Reducing power consumption
As larger Exascale-class systems are being designed to solve the even larger scope of problems being addressed by high-performance computing (HPC), perhaps the most important issue we are all faced with is reducing the power consumption. This is not just a challenge for the Exascale deployments that are several years away, but it affects the entire HPC community today. As advances are being made in lowering the processor’s power consumption, similar efforts are underway in optimising other sub-system components including the network elements. Mellanox is working to address the power challenges, including continued work within the Econet consortium, a project dedicated to advancing dynamic power scaling and focused on network-specific energy saving capabilities. The goal is to reduce energy requirements of the network by 50 to 80 per cent, while ensuring end-to-end quality of service. Mellanox is helping reduce the carbon footprint of next-generation HPC deployments.
Accelerating GPU computing
Most can agree that in the past decade one of the most transformative technologies in HPC has been GPGPU computing. Lately, GPUs have become commonplace in the HPC space. Earlier this year, a new technology called GPUDirect RDMA became available. This technology allows direct peer-to-peer communication between remote GPUs over the InfiniBand fabric; completely bypassing the need for CPU and host memory intervention to move data. This capability reduces latency for internode GPU communication by upwards of 70 per cent. GPUDirect RDMA is another step in the direction of taking full advantage of the high-speed network in order to increase the efficiency of the over-all system.

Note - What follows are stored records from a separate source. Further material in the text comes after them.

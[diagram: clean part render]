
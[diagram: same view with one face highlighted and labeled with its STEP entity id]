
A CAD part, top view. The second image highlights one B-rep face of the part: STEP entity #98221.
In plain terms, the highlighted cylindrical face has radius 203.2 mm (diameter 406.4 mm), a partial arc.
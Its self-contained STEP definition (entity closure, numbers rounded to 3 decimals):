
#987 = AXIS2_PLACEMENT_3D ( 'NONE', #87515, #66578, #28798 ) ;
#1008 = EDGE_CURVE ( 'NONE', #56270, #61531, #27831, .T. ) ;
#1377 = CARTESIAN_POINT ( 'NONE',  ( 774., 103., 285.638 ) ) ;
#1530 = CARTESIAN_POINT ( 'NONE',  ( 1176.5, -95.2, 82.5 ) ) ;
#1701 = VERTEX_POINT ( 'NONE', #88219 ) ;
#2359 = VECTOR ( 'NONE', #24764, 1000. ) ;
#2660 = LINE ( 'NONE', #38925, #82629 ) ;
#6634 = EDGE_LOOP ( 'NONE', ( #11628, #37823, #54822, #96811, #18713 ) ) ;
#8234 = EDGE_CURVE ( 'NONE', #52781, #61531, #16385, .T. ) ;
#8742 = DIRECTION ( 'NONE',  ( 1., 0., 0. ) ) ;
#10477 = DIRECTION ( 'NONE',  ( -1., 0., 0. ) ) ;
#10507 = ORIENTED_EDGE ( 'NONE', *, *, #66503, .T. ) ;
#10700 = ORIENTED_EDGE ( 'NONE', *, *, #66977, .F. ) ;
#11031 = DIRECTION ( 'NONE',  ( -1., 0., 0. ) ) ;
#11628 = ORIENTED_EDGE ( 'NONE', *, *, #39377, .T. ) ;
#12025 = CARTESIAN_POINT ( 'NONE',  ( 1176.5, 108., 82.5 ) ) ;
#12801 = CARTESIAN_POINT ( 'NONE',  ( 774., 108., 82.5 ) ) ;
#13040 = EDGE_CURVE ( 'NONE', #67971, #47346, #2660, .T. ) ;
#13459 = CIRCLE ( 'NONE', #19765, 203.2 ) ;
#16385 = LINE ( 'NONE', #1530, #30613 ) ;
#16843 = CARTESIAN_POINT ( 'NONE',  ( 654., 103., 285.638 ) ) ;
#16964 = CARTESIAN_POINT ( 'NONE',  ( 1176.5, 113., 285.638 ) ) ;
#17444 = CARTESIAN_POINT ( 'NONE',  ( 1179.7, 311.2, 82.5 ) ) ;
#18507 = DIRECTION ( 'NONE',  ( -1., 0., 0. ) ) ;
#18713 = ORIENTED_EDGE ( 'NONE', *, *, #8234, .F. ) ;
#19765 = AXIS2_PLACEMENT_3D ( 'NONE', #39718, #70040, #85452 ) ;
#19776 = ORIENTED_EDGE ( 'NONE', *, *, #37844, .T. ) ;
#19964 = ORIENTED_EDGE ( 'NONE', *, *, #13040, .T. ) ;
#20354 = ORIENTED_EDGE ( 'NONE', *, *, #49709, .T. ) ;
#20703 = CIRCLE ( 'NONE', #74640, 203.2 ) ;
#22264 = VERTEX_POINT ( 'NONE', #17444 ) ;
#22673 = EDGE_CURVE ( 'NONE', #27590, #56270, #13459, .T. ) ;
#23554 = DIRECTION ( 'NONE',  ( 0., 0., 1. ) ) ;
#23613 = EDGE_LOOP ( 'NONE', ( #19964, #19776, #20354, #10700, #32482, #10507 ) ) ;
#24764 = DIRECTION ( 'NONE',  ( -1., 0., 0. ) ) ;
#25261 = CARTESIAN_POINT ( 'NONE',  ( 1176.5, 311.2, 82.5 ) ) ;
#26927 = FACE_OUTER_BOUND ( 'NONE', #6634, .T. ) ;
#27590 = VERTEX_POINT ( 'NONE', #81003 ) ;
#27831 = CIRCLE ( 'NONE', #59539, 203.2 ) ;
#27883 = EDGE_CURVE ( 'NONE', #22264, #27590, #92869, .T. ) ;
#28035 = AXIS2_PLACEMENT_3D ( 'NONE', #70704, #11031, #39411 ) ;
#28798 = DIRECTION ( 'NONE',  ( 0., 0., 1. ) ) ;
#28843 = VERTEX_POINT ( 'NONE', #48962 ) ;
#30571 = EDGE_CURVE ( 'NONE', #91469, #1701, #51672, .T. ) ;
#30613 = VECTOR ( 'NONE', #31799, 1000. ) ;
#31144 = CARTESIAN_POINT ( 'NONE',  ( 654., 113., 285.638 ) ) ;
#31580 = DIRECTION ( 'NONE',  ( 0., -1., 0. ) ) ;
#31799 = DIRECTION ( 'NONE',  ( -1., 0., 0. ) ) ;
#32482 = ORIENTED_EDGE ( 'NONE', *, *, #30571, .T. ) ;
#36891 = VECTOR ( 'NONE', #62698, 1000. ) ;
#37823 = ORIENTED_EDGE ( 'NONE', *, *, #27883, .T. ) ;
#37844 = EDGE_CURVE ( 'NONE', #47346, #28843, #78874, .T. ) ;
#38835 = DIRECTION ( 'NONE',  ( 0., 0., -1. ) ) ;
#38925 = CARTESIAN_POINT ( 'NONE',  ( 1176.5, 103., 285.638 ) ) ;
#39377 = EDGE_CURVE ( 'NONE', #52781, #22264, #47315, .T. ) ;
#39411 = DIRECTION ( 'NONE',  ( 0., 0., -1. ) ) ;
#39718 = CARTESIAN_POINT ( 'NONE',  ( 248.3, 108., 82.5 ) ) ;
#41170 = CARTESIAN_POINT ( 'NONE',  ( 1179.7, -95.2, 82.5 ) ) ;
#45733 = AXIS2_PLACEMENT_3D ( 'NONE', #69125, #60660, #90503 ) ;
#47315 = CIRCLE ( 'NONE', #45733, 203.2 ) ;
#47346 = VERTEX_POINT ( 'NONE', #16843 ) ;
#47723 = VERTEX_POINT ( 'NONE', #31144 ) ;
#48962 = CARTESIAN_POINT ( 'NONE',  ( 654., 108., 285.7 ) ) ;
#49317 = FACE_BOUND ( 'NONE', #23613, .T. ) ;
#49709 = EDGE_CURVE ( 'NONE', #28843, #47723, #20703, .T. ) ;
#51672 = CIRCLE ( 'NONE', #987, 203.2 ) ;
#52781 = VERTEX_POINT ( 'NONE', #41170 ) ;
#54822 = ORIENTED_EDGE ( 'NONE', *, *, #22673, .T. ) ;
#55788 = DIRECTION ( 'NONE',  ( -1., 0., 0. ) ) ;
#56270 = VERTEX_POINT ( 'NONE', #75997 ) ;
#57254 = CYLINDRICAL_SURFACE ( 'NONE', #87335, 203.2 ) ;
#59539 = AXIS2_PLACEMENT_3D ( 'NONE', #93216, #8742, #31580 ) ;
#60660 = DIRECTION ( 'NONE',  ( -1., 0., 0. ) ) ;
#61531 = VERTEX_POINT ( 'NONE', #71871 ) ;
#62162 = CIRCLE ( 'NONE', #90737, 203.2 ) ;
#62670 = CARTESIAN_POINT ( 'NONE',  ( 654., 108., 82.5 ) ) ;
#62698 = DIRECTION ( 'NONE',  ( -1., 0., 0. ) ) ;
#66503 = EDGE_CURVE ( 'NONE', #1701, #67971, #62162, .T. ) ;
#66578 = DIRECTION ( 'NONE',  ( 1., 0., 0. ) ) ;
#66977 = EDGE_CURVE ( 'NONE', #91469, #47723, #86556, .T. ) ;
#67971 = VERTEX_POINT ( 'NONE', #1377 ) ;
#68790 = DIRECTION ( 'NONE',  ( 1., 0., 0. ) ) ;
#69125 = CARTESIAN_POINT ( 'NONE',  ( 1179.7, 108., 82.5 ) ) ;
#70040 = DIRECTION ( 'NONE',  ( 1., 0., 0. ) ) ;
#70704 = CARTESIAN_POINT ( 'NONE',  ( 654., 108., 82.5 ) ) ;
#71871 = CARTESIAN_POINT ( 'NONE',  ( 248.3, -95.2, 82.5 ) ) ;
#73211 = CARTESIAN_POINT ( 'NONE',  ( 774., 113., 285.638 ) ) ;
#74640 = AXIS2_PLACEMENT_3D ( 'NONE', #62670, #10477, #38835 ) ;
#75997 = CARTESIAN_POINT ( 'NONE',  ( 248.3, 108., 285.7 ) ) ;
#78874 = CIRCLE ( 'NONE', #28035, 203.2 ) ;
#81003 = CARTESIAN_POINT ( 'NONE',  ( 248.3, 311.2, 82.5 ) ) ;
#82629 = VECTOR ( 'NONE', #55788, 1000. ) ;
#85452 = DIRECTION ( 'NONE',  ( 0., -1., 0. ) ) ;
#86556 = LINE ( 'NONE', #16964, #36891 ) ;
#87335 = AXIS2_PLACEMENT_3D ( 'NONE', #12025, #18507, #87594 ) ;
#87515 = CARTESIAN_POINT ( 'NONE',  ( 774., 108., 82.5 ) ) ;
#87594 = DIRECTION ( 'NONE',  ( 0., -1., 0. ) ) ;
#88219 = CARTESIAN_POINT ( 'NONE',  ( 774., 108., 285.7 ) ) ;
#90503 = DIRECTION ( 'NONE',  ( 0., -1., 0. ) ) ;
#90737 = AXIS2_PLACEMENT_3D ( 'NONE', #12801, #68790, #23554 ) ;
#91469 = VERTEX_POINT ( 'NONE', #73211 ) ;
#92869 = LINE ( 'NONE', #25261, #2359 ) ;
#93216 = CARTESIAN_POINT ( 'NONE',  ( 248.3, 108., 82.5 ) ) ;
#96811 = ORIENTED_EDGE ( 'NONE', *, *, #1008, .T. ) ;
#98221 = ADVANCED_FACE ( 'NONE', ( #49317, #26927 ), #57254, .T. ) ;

Coupled with the advanced customisation abilities of cloud computing, the HPC community is pursuing the use of clouds which incorporate GPUs for their computing needs. Enablement of Infrastructure as a Service with GPUs into cloud infrastructures will enable researchers to rapidly adopt and deploy their own private HPC clouds using GPUs more effectively. This again translates to the need of advanced network capabilities – using less hardware more efficiently and further reducing power consumption.
Advanced network capabilities
One key metric for value of an HPC installation is its efficiency rating. InfiniBand is dominant in the Top500 list, primarily because it is the only industry-standard interconnect that delivers RDMA capabilities, and advanced network capabilities that improve the efficiency of the system. InfiniBand is proven to be capable of delivering up to 99.8 per cent efficiency for HPC systems in the list. Additionally, with advanced offloading of collective communication onto the network fabric, we can free up the processors to do meaningful computation instead of spending time on network communication. This again translates to additional power savings.
Additional critical capabilities to reach Exascale class environments include robust adaptive routing, advanced support for new topologies and InfiniBand routing to reach larger system node counts. Offloading the processor from network-capable tasks is a key element to increase the overall efficiency of an Exascale class system; but what of the future of microprocessor architectures?
In all probability, there will not be a single dominant microprocessor architecture for next-generation Exascale installations, especially as workflows for computational science are driving the requirements. Alternative architectures to x86, such as Power and 64-bit ARM are already picking up adoption. The advanced, lower-power architectures capable of handling demanding HPC workflows will rely upon a best-in-class interconnect that is scalable, sustainable, and able to exploit application performance at extreme scale.